It's just a idea and I understand it's not a perfect option but it's something.

Next we need to address school access. No, I don't want military style compounds with razor wire...but it seems children loitering around, like in this case, 7th period when many don't have a class...running around unsupervised and the doors unlocked. Seems these children need to be in a central area.

I'm open for honest discussions on really making our kids safe. So far, blaming mental health and guns has failed. People set on harming others will find a way and the only things I can think of, is making that harder to do. Shutting off easy access imo is a good place to start.

Laws don't effect anyone other than law abiding people.


----------



## BATWING (May 9, 2008)

At what point do you stop relying on the govt to raise, protect and educate your children? 53% of the states budget already goes to education and you can bet they will want more. The fed money is about $68 BILLION

If one is concerned with violence in schools why not practice programs that already work (ex: Israel). On 2nd thought may not get govt out of education and let the market dictate based on security of your child. Your in control not the govt'.


----------



## photofishin (Aug 7, 2009)

Skifffer said:


> I don't have any problems with that, if you got that message it was unintended. I don't understand how hoping we can do a better job of protecting lives is a liberal position, it is just natural instincts to me.


you keep making statements that call for removing civil rights...THAT is a liberal position


----------



## Grumpy365 (Oct 21, 2010)

toolie said:


> Every one of these 'kids' is on some sort of medication, anti-depressants, ridillin, or something. That is never mentioned in any discussion because no one wants to offend the pharma's. I would like to see a real study/analysis of the drugs each of these shooters is being fed.


Why were they on the meds?

NOT because they were well adjusted, sound individuals.

They had problems. Their parents saw it, the doctors saw it, so what were they suppose to do? Institutionalize them for life?

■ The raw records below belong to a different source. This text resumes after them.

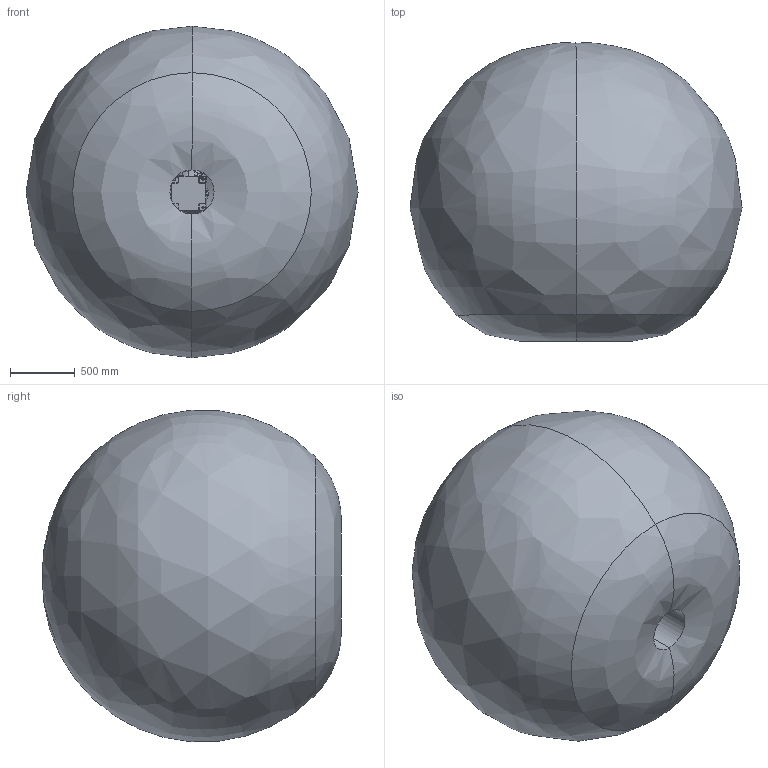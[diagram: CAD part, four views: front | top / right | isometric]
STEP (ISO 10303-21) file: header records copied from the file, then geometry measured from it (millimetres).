
FILE_DESCRIPTION (( 'STEP AP214' ), '1' );
FILE_NAME ('ER8-1300V1-00000 总装部分.STEP', '2023-10-10T02:16:08', ( '' ), ( '' ), 'SwSTEP 2.0', 'SolidWorks 2018', '' );
FILE_SCHEMA (( 'AUTOMOTIVE_DESIGN' ));
Length unit declared in the file: millimetre
Products named in the file (9): 大臂部分^ER8-1300V1-00000 总装部分; 转座部分^ER8-1300V1-00000 总装部分; 小臂部分^ER8-1300V1-00000 总装部分; 底座部分^ER8-1300V1-00000 总装部分; 手腕部分^ER8-1300V1-00000 总装部分; 运动范围图^ER8-1300V1-00000 总装部分; 电机座部分^ER8-1300V1-00000 总装部分; 末端法兰^ER8-1300V1-00000 总装部分; ER8-1300V1-00000 軞蚾窒煦
Assembly tree (8 placements, depth 2):
  ER8-1300V1-00000 軞蚾窒煦
    转座部分^ER8-1300V1-00000 总装部分
    底座部分^ER8-1300V1-00000 总装部分
    大臂部分^ER8-1300V1-00000 总装部分
    电机座部分^ER8-1300V1-00000 总装部分
    手腕部分^ER8-1300V1-00000 总装部分
    末端法兰^ER8-1300V1-00000 总装部分
    小臂部分^ER8-1300V1-00000 总装部分
    运动范围图^ER8-1300V1-00000 总装部分
Bounding box: 2560.29 x 2303.61 x 2555.64 mm (x, y, z)
Volume: 8324270622.9 mm3; surface area: 24182355 mm2
Topology: 43 solids, 61 shells, 4830 faces, 12007 edges, 7546 vertices
Faces by surface type: cylinder 1424, plane 1353, bspline 908, cone 541, torus 508, sphere 96
Entity records: 321171 total; most frequent: CARTESIAN_POINT 162698, ORIENTED_EDGE 23658, DIRECTION 19995, EDGE_CURVE 11831, AXIS2_PLACEMENT_3D 8175, VERTEX_POINT 7509, EDGE_LOOP 5300, FACE_OUTER_BOUND 4830

They did the only thing they could do. They tried to medicate. There is NO way of knowing what unmedicated psycho kid would have done or when.

And all that the meds tell me is they were sick / mentally ill.
I bet all these kids drank milk at some time in their lives too


----------



## banpouchi (Feb 21, 2011)

Two statements that I am sure will get me thrown in 2cool jail.

1. I would not want my children going to school in a prison as most here suggest.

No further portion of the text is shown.